When it comes to electrochemistry, a smart battery charger is not a good choice. It finds out that it isn't a battery it tries to charge and treats it as either a fully drained battery or a faulty battery. Old time battery chargers with a big transformer, rectifier... and that's it, is a lot better. It will deliver the power you want until it blows a fuse.
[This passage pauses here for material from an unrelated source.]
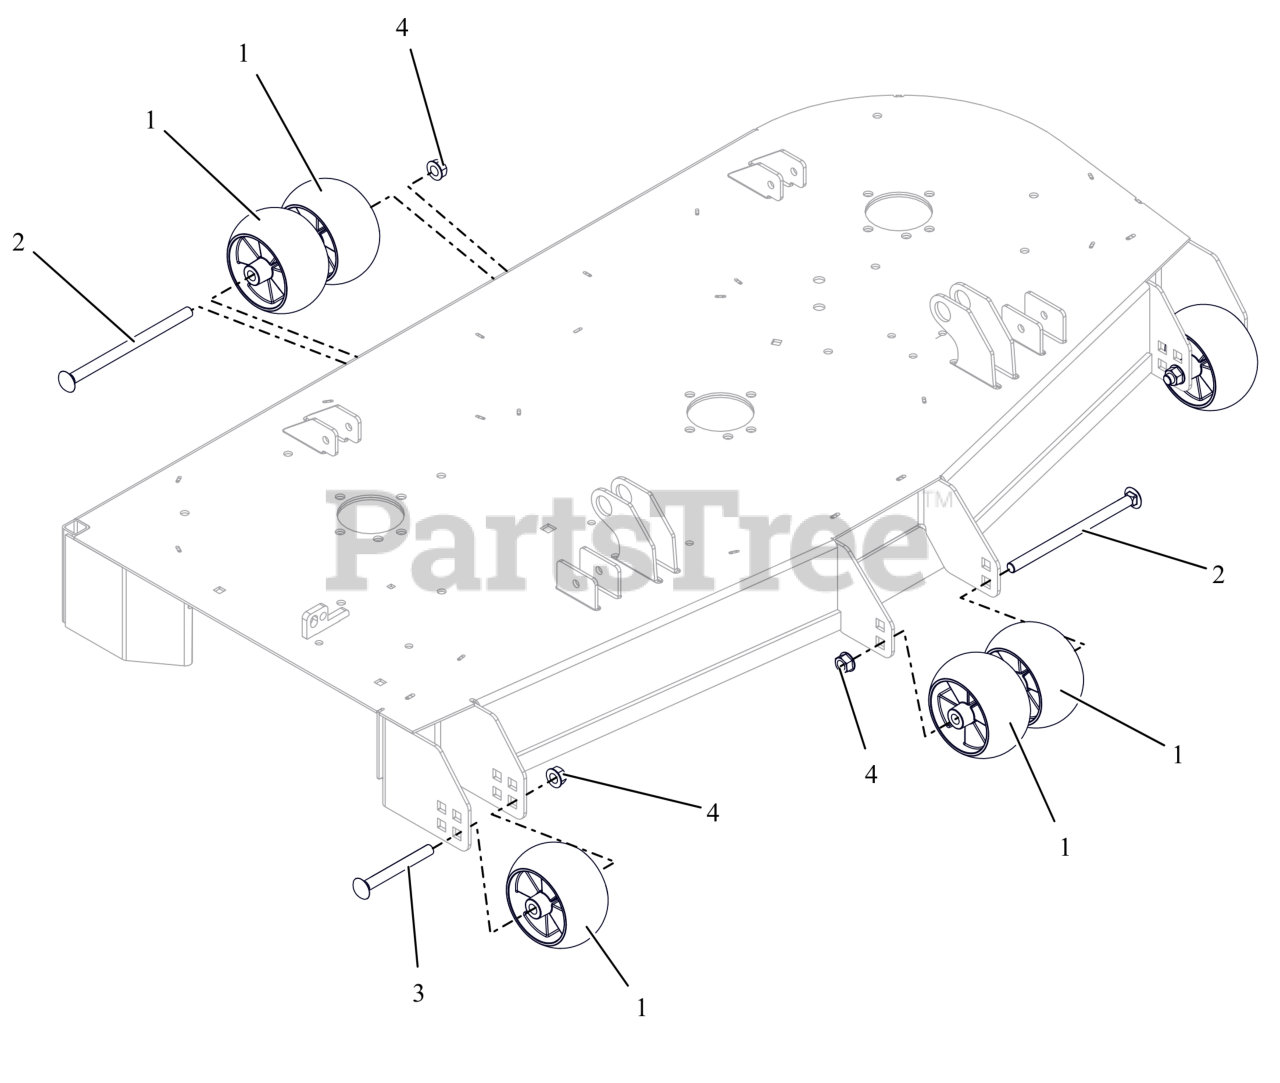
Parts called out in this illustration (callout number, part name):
1	WHEEL, ANTI SCALP - 5X3 CTR W/RIBS
2	BLT-RHSN .50-13X8.00 G5 ZCC NS
3	BLT-RHNS .50-13X4.50 G5 ZCC NS
4	NUT-LK-CTR-FLG .500-13 GG ZCC

Best thing to use is a lab power unit. With both voltage and maximum amperage settings. Then you can fine-tune the reaction. It works for smaller units, for a larger setup there are specially made power supplies for electrolytic baths.

Göran
 
OK, Thank-you. I'm going to return the little charger and ask around for an old one. One of our friends has got to have one sitting around in their garage or back shed. I've got my concentrated sulfuric acid and I don't want to mess with it until I've got everything else set up right. One other thing, does it make any difference if I use a thin sheet of copper with a zillion holes punched in it, or should I use copper mesh? :?